Why do so few Americans (and so many Europeans) believe in evolution?

 


A
mericans’
acceptance of evolution is remarkably lower than it is in Europe, Japan,
and many other nations.  Only one of 34 nations – Turkey –
has fewer believers in evolution, according to a survey taken in 2005
by Jon D. Miller (a political scientist at Michigan State) and colleagues.
    The
survey posed a simple question: Do you believe the statement “Human beings, as we know them,
developed from earlier species of animals” is true?
      About
40% of Americans said the statement was true – very consistent with
the Gallup results I reported yesterday.
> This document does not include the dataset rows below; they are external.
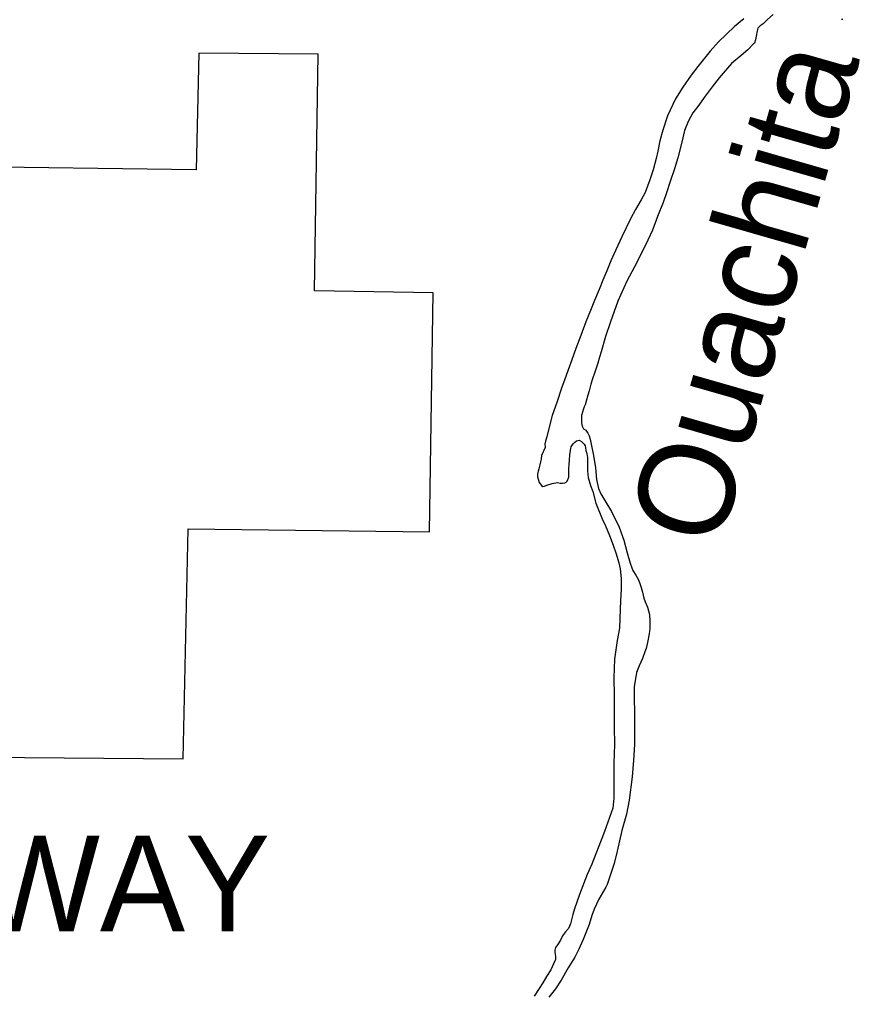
# Model space of a CAD drawing. Extents: x 1373862 to 1377080, y 1164775 to 1170415.
# Drawn here: x 1374487.3 to 1374533.8, y 1170097.4 to 1170151.1 of the extents above; entities that cross this region are included whole.
import ezdxf

# ---------------------------------------------------------------- set-up
doc = ezdxf.new("R2010")
doc.units = 0
doc.layers.add('Default', color=7, linetype='Continuous')

msp = doc.modelspace()

# ---------------------------------------------------------------- linework, layer by layer
at = {"layer": 'Default'}
for points in [[(1374529.043, 1170151.374), (1374528.726, 1170151.091), (1374528.488, 1170150.859), (1374528.319, 1170150.737), (1374528.181, 1170150.606), (1374528.142, 1170150.465), (1374528.104, 1170150.165), (1374528.066, 1170149.964), (1374527.998, 1170149.783), (1374527.948, 1170149.743), (1374527.641, 1170149.42), (1374527.265, 1170149.106), (1374526.739, 1170148.661), (1374526.057, 1170147.854), (1374525.662, 1170147.36), (1374525.217, 1170146.775), (1374524.921, 1170146.352), (1374524.585, 1170145.918), (1374524.329, 1170145.446), (1374524.134, 1170144.953), (1374523.979, 1170144.311), (1374523.757, 1170143.438), (1374523.582, 1170142.835), (1374523.328, 1170142.122), (1374523.134, 1170141.5), (1374522.949, 1170140.957), (1374522.635, 1170140.184), (1374522.352, 1170139.43), (1374522.097, 1170138.887), (1374521.714, 1170138.083), (1374521.36, 1170137.399), (1374520.947, 1170136.614), (1374520.437, 1170135.498), (1374520.027, 1170134.363), (1374519.755, 1170133.539), (1374519.522, 1170132.696), (1374519.425, 1170132.405), (1374519.328, 1170132.064), (1374519.162, 1170131.571), (1374519.045, 1170131.2), (1374518.948, 1170130.909), (1374518.851, 1170130.537), (1374518.783, 1170130.296), (1374518.686, 1170129.975), (1374518.628, 1170129.764), (1374518.579, 1170129.654), (1374518.53, 1170129.483), (1374518.491, 1170129.352), (1374518.423, 1170129.172), (1374518.434, 1170129.022), (1374518.434, 1170128.961), (1374518.426, 1170128.791), (1374518.447, 1170128.661), (1374518.488, 1170128.541), (1374518.549, 1170128.442), (1374518.669, 1170128.363), (1374518.78, 1170128.203), (1374518.851, 1170128.054), (1374518.903, 1170127.874), (1374518.965, 1170127.584), (1374519.09, 1170126.954), (1374519.215, 1170126.274), (1374519.26, 1170125.634), (1374519.364, 1170125.144), (1374519.507, 1170124.835), (1374519.78, 1170124.386), (1374520.094, 1170123.868), (1374520.51, 1170122.991), (1374520.766, 1170122.272)], [(1374527.418, 1170151.12), (1374526.902, 1170150.695), (1374526.011, 1170149.846), (1374525.545, 1170149.342), (1374524.873, 1170148.495), (1374524.508, 1170148.011), (1374524.044, 1170147.346), (1374523.64, 1170146.701), (1374523.483, 1170146.39), (1374523.189, 1170145.756), (1374522.926, 1170144.963), (1374522.761, 1170144.381), (1374522.656, 1170143.799), (1374522.569, 1170143.398), (1374522.394, 1170142.775), (1374522.219, 1170142.213), (1374521.946, 1170141.52), (1374521.729, 1170141.107), (1374521.424, 1170140.584), (1374521.149, 1170140.051), (1374520.668, 1170139.055), (1374520.324, 1170138.341), (1374520.06, 1170137.738), (1374519.825, 1170137.185), (1374519.609, 1170136.663), (1374519.404, 1170136.15), (1374519.149, 1170135.547), (1374518.924, 1170134.984), (1374518.68, 1170134.361), (1374518.386, 1170133.598), (1374518.123, 1170132.884), (1374517.888, 1170132.251), (1374517.693, 1170131.709), (1374517.488, 1170131.126), (1374517.342, 1170130.745), (1374517.059, 1170129.891), (1374516.815, 1170129.168), (1374516.621, 1170128.465), (1374516.505, 1170128.004), (1374516.448, 1170127.753), (1374516.409, 1170127.582), (1374516.43, 1170127.412), (1374516.225, 1170126.96), (1374516.196, 1170126.759), (1374516.167, 1170126.609), (1374516.129, 1170126.448), (1374516.071, 1170126.227), (1374516.032, 1170126.087), (1374515.993, 1170125.926), (1374516.005, 1170125.776), (1374516.056, 1170125.606), (1374516.097, 1170125.476), (1374516.158, 1170125.367), (1374516.218, 1170125.297), (1374516.289, 1170125.238), (1374516.388, 1170125.259), (1374516.517, 1170125.32), (1374516.806, 1170125.412), (1374517.105, 1170125.465), (1374517.255, 1170125.436), (1374517.385, 1170125.427), (1374517.505, 1170125.448), (1374517.584, 1170125.489), (1374517.634, 1170125.55), (1374517.722, 1170125.761), (1374517.73, 1170125.951), (1374517.729, 1170126.131), (1374517.738, 1170126.242), (1374517.756, 1170126.462), (1374517.764, 1170126.702)], [(1374532.889, 1170151.097), (1374532.869, 1170151.087), (1374532.859, 1170151.087), (1374532.809, 1170151.096)], [(1374497.263, 1170149.233), (1374497.116, 1170142.765), (1374483.492, 1170142.957), (1374483.483, 1170136.357), (1374483.466, 1170123.183), (1374458.594, 1170124.258)], [(1374510.029, 1170122.729), (1374510.232, 1170135.97), (1374503.662, 1170136.071), (1374503.863, 1170149.167), (1374497.263, 1170149.233)], [(1374517.764, 1170126.702), (1374517.792, 1170126.993), (1374517.83, 1170127.244), (1374517.849, 1170127.364), (1374517.868, 1170127.434), (1374517.976, 1170127.606), (1374518.065, 1170127.706), (1374518.155, 1170127.767), (1374518.304, 1170127.809), (1374518.425, 1170127.74), (1374518.585, 1170127.591), (1374518.626, 1170127.491), (1374518.657, 1170127.381), (1374518.678, 1170127.241), (1374518.729, 1170127.071), (1374518.761, 1170126.851), (1374518.764, 1170126.571), (1374518.767, 1170126.12), (1374518.8, 1170125.75), (1374518.934, 1170125.31), (1374519.056, 1170124.961), (1374519.231, 1170124.322), (1374519.578, 1170123.453), (1374519.761, 1170123.064), (1374519.975, 1170122.535), (1374520.179, 1170122.006), (1374520.342, 1170121.527), (1374520.496, 1170121.018), (1374520.569, 1170120.698), (1374520.623, 1170120.147), (1374520.618, 1170119.567), (1374520.593, 1170118.935), (1374520.577, 1170118.445), (1374520.561, 1170117.944), (1374520.526, 1170117.413), (1374520.402, 1170116.721), (1374520.261, 1170115.688), (1374520.229, 1170114.666), (1374520.237, 1170113.685), (1374520.247, 1170112.513), (1374520.241, 1170111.932), (1374520.249, 1170110.971), (1374520.218, 1170109.929), (1374520.225, 1170109.018), (1374520.229, 1170108.567), (1374520.224, 1170108.007), (1374520.168, 1170107.445), (1374519.71, 1170106.16), (1374519.553, 1170105.768), (1374519.348, 1170105.255), (1374518.996, 1170104.351), (1374518.741, 1170103.778), (1374518.321, 1170102.673), (1374518.038, 1170101.879), (1374517.96, 1170101.558), (1374517.825, 1170101.046), (1374517.707, 1170100.795), (1374517.549, 1170100.593), (1374517.381, 1170100.381), (1374517.273, 1170100.15), (1374517.105, 1170099.888), (1374516.997, 1170099.727), (1374516.958, 1170099.587), (1374516.949, 1170099.486), (1374516.98, 1170099.356), (1374517.001, 1170099.236), (1374516.992, 1170099.076), (1374516.884, 1170098.835), (1374516.727, 1170098.503), (1374516.501, 1170098.121), (1374516.294, 1170097.788), (1374516.087, 1170097.466), (1374515.821, 1170097.033)], [(1374476.061, 1170076.786), (1374476.165, 1170084.065), (1374469.57, 1170084.16), (1374469.765, 1170097.2), (1374469.959, 1170110.602), (1374483.197, 1170110.288), (1374496.398, 1170110.184), (1374496.663, 1170122.897), (1374510.029, 1170122.729)], [(1374520.766, 1170122.272), (1374520.961, 1170121.582), (1374521.115, 1170121.013), (1374521.207, 1170120.743), (1374521.278, 1170120.604), (1374521.43, 1170120.345), (1374521.582, 1170120.076), (1374521.664, 1170119.876), (1374521.726, 1170119.656), (1374521.798, 1170119.396), (1374521.88, 1170119.067), (1374521.962, 1170118.857), (1374522.084, 1170118.568), (1374522.187, 1170118.158), (1374522.22, 1170117.778), (1374522.203, 1170117.387), (1374522.176, 1170117.086), (1374522.08, 1170116.605), (1374522.003, 1170116.274), (1374521.934, 1170116.093), (1374521.808, 1170115.721), (1374521.631, 1170115.329), (1374521.475, 1170114.947), (1374521.341, 1170114.155), (1374521.337, 1170113.514), (1374521.363, 1170112.743), (1374521.362, 1170111.612), (1374521.357, 1170110.971), (1374521.315, 1170110.109), (1374521.242, 1170109.177), (1374521.073, 1170107.884), (1374520.92, 1170107.111), (1374520.658, 1170106.208), (1374520.407, 1170105.074), (1374520.243, 1170104.382), (1374520, 1170103.668), (1374519.844, 1170103.226), (1374519.775, 1170103.076), (1374519.391, 1170102.411), (1374519.126, 1170101.858), (1374519.009, 1170101.507), (1374518.853, 1170101.005), (1374518.521, 1170100.181), (1374518.286, 1170099.648), (1374518.06, 1170099.205), (1374517.695, 1170098.601), (1374517.311, 1170097.927), (1374516.996, 1170097.454), (1374516.62, 1170096.98)]]:
    msp.add_lwpolyline(points, dxfattribs=at)

# ---------------------------------------------------------------- texts
msp.add_text('Ouachita', height=5.28, rotation=74, dxfattribs=at).set_placement((1374526.049, 1170121.719))
msp.add_text('MIDWAY', height=5.28, dxfattribs=at).set_placement((1374472.18, 1170100.637))

doc.saveas('drawing.dxf')

About 30% of Turks felt the same way.  The only other nations with
less than 50% saying the statement is true are Cyprus, Latvia, and Lithuania.
      At
the other end, large majorities of all the nations of Western Europe
agree that human beings developed from earlier species of animals. 
Upwards of 80% of the peoples of Iceland, Denmark, Sweden, France, and
Japan (the only non-European nation included in the survey) said this
was true.
      There
are three chief reasons why Americans hold “exceptional” views about
evolution, according to Miller and colleagues:
      1. Protestant
fundamentalist religious beliefs in America – upholding the literalness of the
Bible and the story of creation in Genesis – are much stronger in
America, compared to Europe.
      2. Conservative
Americans with anti-abortion, pro-life views are much more likely to
reject evolution, compared to Europeans with similar views.
      3. Americans
with less understanding of genetics are less likely to accept evolution
as an explanation of the origins of life.
     
    Of
course, this is a barebones sketch of their analysis.  For details,
see the August 2006 issue of Science, where the results were published. 
National Geographic also showcased the findings (which you can see
here).

What
do you make of this cross-cultural comparison?  Did it surprise
you?
Or confirm what you already knew?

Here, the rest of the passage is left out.